[INPUT MATERIAL]
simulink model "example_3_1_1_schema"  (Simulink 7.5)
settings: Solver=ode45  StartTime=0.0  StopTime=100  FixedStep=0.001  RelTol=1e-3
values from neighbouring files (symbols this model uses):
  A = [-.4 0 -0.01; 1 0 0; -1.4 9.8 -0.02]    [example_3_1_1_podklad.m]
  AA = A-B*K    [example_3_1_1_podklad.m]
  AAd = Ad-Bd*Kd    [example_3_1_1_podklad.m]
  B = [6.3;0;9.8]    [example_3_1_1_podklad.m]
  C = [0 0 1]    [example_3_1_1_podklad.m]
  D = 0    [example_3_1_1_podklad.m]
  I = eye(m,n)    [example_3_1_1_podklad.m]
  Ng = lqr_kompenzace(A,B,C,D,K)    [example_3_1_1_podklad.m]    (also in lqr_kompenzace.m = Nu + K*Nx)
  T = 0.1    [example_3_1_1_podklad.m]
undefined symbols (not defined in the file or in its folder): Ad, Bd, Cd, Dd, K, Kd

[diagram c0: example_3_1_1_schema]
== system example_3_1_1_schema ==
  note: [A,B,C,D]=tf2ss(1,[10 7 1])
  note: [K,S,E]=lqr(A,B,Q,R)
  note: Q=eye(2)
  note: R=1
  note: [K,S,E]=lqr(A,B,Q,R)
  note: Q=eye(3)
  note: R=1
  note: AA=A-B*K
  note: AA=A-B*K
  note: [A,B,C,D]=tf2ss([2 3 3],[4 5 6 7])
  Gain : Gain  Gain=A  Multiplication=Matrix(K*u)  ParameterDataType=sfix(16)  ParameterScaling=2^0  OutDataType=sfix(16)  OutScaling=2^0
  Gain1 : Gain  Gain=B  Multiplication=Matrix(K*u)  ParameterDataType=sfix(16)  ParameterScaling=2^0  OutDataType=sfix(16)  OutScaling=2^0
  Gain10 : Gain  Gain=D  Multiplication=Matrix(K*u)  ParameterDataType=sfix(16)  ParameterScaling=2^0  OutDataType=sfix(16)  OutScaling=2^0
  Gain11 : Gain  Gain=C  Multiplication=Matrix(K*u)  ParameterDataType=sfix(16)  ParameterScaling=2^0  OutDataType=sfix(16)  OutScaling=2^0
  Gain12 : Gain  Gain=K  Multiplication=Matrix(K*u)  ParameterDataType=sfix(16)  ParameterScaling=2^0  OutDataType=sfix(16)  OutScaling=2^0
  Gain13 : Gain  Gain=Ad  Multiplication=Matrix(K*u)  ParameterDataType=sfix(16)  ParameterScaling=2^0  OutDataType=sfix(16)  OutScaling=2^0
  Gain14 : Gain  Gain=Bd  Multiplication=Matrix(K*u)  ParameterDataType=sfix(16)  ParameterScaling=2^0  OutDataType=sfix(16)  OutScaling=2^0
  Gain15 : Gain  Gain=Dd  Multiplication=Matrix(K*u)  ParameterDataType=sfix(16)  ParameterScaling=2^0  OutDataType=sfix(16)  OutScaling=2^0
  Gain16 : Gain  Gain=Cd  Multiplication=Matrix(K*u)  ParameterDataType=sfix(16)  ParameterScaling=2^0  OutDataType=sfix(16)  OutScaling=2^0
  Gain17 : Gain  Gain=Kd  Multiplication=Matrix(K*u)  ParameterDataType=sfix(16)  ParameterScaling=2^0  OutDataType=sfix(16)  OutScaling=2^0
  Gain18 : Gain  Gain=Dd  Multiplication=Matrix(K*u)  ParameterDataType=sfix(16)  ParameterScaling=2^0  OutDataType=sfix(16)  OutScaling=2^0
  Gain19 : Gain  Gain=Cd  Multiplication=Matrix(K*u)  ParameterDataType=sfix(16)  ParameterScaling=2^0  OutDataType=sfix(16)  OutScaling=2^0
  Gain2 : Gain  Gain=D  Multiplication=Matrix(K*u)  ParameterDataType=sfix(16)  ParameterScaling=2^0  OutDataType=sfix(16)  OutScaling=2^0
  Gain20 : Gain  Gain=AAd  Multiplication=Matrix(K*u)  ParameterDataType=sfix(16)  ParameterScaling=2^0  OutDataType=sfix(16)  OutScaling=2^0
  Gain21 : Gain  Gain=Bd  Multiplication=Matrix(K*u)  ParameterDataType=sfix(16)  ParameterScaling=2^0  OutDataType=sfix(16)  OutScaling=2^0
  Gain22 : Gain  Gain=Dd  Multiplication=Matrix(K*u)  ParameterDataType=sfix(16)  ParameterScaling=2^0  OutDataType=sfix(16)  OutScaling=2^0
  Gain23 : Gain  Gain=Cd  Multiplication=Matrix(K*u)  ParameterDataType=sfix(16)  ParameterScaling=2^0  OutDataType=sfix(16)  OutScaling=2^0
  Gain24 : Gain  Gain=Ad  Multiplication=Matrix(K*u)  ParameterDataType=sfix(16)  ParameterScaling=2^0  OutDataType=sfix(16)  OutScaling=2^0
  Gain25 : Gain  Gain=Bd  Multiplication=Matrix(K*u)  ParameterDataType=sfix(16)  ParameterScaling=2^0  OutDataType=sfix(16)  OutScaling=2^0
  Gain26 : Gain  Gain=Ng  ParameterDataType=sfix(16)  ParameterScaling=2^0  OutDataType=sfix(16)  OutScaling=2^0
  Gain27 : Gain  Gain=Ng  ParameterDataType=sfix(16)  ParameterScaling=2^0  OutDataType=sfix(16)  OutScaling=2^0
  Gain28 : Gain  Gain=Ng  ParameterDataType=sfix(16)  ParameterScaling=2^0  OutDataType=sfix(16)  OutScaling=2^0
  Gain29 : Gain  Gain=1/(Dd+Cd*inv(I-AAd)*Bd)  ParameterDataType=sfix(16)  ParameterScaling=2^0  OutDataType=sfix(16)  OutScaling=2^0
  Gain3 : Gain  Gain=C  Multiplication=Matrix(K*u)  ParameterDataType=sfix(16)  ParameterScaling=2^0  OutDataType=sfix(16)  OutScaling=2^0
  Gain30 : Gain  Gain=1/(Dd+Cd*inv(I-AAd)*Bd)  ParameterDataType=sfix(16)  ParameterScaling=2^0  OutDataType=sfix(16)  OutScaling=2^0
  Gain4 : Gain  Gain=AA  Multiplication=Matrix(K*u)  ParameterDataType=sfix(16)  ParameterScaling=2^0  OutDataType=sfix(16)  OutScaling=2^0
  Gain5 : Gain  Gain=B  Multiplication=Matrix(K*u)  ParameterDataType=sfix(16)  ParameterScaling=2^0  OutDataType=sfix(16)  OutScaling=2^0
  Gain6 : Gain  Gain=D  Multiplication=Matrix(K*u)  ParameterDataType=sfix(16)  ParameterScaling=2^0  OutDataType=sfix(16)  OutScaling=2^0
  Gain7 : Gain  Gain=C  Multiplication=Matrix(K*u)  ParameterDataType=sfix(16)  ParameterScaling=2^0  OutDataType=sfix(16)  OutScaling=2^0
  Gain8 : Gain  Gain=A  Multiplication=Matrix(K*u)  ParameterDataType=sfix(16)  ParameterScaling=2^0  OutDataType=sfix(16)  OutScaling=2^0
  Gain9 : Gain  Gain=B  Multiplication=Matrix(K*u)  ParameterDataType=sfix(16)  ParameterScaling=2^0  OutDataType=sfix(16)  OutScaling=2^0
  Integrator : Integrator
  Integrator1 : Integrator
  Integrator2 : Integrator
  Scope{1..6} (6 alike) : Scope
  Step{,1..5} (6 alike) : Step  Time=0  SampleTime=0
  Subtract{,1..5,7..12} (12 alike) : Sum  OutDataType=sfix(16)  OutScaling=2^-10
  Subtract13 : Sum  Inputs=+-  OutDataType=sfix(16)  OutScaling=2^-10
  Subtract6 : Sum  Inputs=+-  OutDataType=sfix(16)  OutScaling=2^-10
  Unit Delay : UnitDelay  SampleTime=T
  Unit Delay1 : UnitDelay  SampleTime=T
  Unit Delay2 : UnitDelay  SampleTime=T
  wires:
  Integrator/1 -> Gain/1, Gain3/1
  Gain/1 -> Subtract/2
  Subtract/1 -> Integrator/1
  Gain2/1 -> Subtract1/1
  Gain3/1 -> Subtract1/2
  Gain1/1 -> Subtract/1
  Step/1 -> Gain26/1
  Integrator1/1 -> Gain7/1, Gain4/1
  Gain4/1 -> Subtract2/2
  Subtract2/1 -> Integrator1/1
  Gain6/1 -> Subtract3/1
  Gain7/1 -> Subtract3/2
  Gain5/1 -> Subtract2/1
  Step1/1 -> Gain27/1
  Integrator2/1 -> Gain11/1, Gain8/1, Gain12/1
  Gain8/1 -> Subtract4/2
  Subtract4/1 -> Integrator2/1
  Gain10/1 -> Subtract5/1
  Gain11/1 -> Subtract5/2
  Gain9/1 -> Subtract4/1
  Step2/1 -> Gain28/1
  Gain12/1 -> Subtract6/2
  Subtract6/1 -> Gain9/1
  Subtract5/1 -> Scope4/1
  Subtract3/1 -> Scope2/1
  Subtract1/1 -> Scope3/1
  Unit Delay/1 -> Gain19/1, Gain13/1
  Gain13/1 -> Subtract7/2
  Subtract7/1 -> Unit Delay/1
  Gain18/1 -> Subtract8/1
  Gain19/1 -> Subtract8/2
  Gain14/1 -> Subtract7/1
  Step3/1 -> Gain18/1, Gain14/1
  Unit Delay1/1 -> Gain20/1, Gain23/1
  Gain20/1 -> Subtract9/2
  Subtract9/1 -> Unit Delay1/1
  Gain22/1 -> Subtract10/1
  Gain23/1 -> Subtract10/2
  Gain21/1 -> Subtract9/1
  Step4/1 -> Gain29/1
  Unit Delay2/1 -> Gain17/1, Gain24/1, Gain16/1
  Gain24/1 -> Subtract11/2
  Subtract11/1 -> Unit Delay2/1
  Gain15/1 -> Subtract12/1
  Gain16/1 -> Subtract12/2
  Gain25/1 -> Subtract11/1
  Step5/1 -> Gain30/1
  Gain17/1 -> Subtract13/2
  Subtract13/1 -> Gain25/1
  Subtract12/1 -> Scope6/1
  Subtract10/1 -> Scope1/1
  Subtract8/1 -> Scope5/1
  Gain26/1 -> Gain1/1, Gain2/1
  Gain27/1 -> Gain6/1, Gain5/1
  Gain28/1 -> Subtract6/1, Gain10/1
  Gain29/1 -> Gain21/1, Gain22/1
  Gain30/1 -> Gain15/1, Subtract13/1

[ABOUT THIS TASK] Quote the data above from the line containing "note: [A,B,C,D]=tf2ss([2 3 3],[4 5 6 7])" to the line containing "Gain12 : Gain", inclusive, and stop.

[EXPECTED OUTPUT]
  note: [A,B,C,D]=tf2ss([2 3 3],[4 5 6 7])
  Gain : Gain  Gain=A  Multiplication=Matrix(K*u)  ParameterDataType=sfix(16)  ParameterScaling=2^0  OutDataType=sfix(16)  OutScaling=2^0
  Gain1 : Gain  Gain=B  Multiplication=Matrix(K*u)  ParameterDataType=sfix(16)  ParameterScaling=2^0  OutDataType=sfix(16)  OutScaling=2^0
  Gain10 : Gain  Gain=D  Multiplication=Matrix(K*u)  ParameterDataType=sfix(16)  ParameterScaling=2^0  OutDataType=sfix(16)  OutScaling=2^0
  Gain11 : Gain  Gain=C  Multiplication=Matrix(K*u)  ParameterDataType=sfix(16)  ParameterScaling=2^0  OutDataType=sfix(16)  OutScaling=2^0
  Gain12 : Gain  Gain=K  Multiplication=Matrix(K*u)  ParameterDataType=sfix(16)  ParameterScaling=2^0  OutDataType=sfix(16)  OutScaling=2^0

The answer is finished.